Voir les 4 commentaires

  • petite souris • 21/10/2009 - 10:48

    "rien ne va plus"

    Mais cela dépend pour qui.........

    D’abord pour les copains du pouvoir et aussi pour le fisc.

    Ah ! vous voulez parler de la santé du peuple !!

    mais là vous utilisez deux gros mots : santé & peuple dont l’usage et la définition ne sont pas connus de ceux qui nous gouvernent.

    ..........et vous le savez !

    • Pic et Puce • 21/10/2009 - 20:50

      Cela sent de plus en plus mauvais en France...la frénésie aux jeux reflète un pays extrêmement malade....Où sont passés les idéaux qui ont fait les grands hommes...On va donc abreuver une masse inculte aux jeux, les trépaner encore davantage tout en enrichissant les petits copains du pouvoir...Ecoeurant !

    • hugo • 23/10/2009 - 19:30

      Il s’agit ici de mettre de l’ordre sur les jeux d’argent sur internet en les légalisant par une législation et pas de dérèglementer.

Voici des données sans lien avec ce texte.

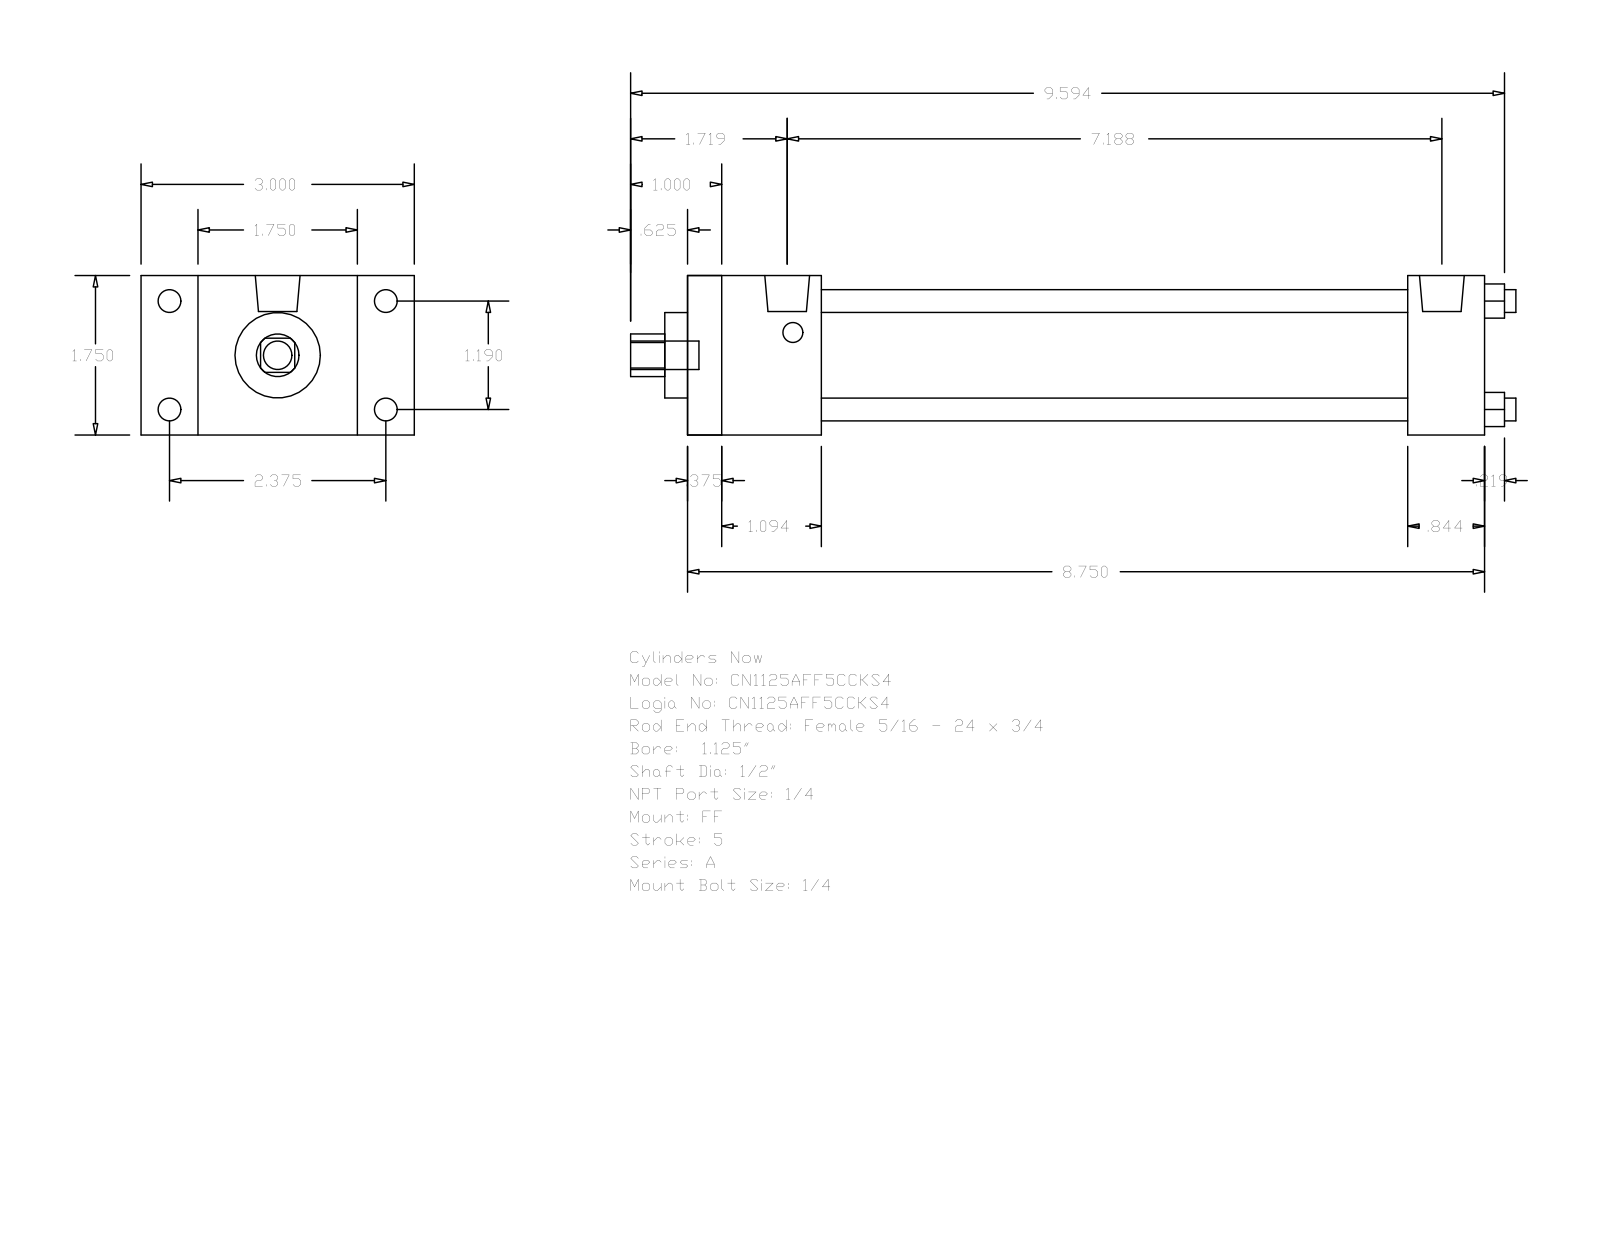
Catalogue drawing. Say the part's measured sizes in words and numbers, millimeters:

Aujourd’hui les jeux en ligne sont interdits par la loi mais tous les internautes français peuvent y jouer sans problème, sauf éventuellement les joueurs de poker pro pour rapatrier leurs gains sur un compte bancaire en France. Donc soit on régule la situation en assurant un minimum de contrôle sur les sites de jeux ce qui permet aussi une imposition fiscale soit on bloque les sites internet en question mais à ce moment là ce n’est plus très égalitaire si la Française des Jeux garde sont monopole et les casino leur licence.

      Sinon je suis entièrement d’accord l’augmentation des joueurs de jeux d’argent (surtout de hasard) est révélateur d’un pays sclérosé mais ce n’est pas par l’interdiction que le problème sera réglé.

    Répondre à ce message

  • cutcut • 23/10/2009 - 15:07

    hé oui, quand le citoyen se verra suspendre sa connexion à la va vite par un juge pressé pour accès illégal à la culture, les casinos auront le plaisir de débattre dans une longue procédure qui leur laissera le temps de faire assez d’argent pour payer avocats, frais de condamnations et prises de bénéfices.
    Décidément, elle est belle la vie quand on a du pognon.

    En attendant, je me demande combien tomberont dans le panneau et seront ruinés en tombant sur les pages de plus en plus nombreuses d’"honnête gens comme tout le monde" qui vous dévoilent leurs "secrets" pour gagner des milliers d’euros par mois au casino en ligne.Tapez simplement "comment devenir riche" ou "comment gagner de l’argent" dans l’ami google, c’est édifiant.

    Vous qui n’êtes pas trop démuni, vous vous doutez bien qu’il y a un hic (en cherchant un peu on apprend surtout la technique infaillible qui permet aux casinos de voler les internautes naïfs) mais combien d’esprits influençables au bord de la ruine se jetteront avec toute l’énergie du désespoir dans ces escroqueries ? Et ce alors que la misère pour tous est au programme des années à venir ?

    Au gouvernement, on n’en a cure et on doit se féliciter d’entretenir le portefeuille des copains. Oui, vraiment, elle est chouette la vie quand on a une rollex au poignet en guise de conscience.